■ **INPUT DATA**
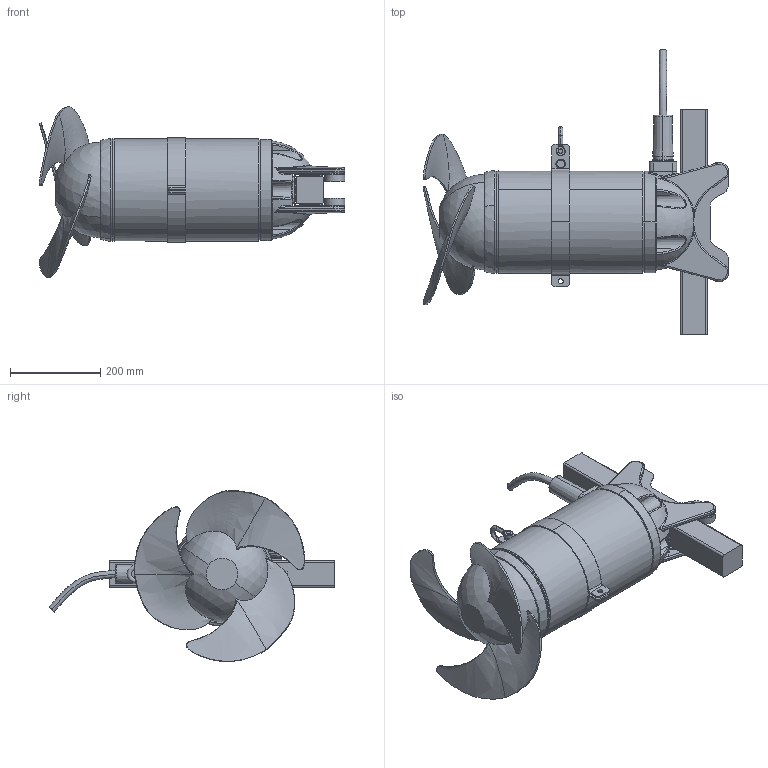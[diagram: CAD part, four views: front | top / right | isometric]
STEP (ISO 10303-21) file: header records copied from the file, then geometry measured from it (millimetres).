
FILE_DESCRIPTION (( 'STEP AP214' ), '1' );
FILE_NAME ('RW400 Vkt.60 standard_MSD.STEP', '2017-03-31T08:10:35', ( '' ), ( '' ), 'SwSTEP 2.0', 'SolidWorks 2017', '' );
FILE_SCHEMA (( 'AUTOMOTIVE_DESIGN' ));
Length unit declared in the file: millimetre
Products named in the file (1): RW400 Vkt.60 standard_MSD
Bounding box: 676.22 x 633.26 x 379.14 mm (x, y, z)
Volume: 22319842.3 mm3; surface area: 989431.3 mm2
Topology: 3 solids, 10 shells, 821 faces, 2042 edges, 1253 vertices
Faces by surface type: plane 277, cylinder 184, bspline 138, torus 130, sphere 48, cone 44
Entity records: 130997 total; most frequent: CARTESIAN_POINT 103430, ORIENTED_EDGE 3984, DIRECTION 3734, EDGE_CURVE 1992, AXIS2_PLACEMENT_3D 1489, VERTEX_POINT 1235, EDGE_LOOP 887, UNCERTAINTY_MEASURE_WITH_UNIT 826

■ **WHAT YOU ARE ASKED TO DO**
Return the preceding entries exactly, each word as given, but leave out any picture.

■ **WRITTEN SOLUTION**
[diagram: CAD part, four views: front | top / right | isometric]
STEP (ISO 10303-21) file: header records copied from the file, then geometry measured from it (millimetres).
FILE_DESCRIPTION (( 'STEP AP214' ), '1' );
FILE_NAME ('RW400 Vkt.60 standard_MSD.STEP', '2017-03-31T08:10:35', ( '' ), ( '' ), 'SwSTEP 2.0', 'SolidWorks 2017', '' );
FILE_SCHEMA (( 'AUTOMOTIVE_DESIGN' ));
Length unit declared in the file: millimetre
Products named in the file (1): RW400 Vkt.60 standard_MSD
Bounding box: 676.22 x 633.26 x 379.14 mm (x, y, z)
Volume: 22319842.3 mm3; surface area: 989431.3 mm2
Topology: 3 solids, 10 shells, 821 faces, 2042 edges, 1253 vertices
Faces by surface type: plane 277, cylinder 184, bspline 138, torus 130, sphere 48, cone 44
Entity records: 130997 total; most frequent: CARTESIAN_POINT 103430, ORIENTED_EDGE 3984, DIRECTION 3734, EDGE_CURVE 1992, AXIS2_PLACEMENT_3D 1489, VERTEX_POINT 1235, EDGE_LOOP 887, UNCERTAINTY_MEASURE_WITH_UNIT 826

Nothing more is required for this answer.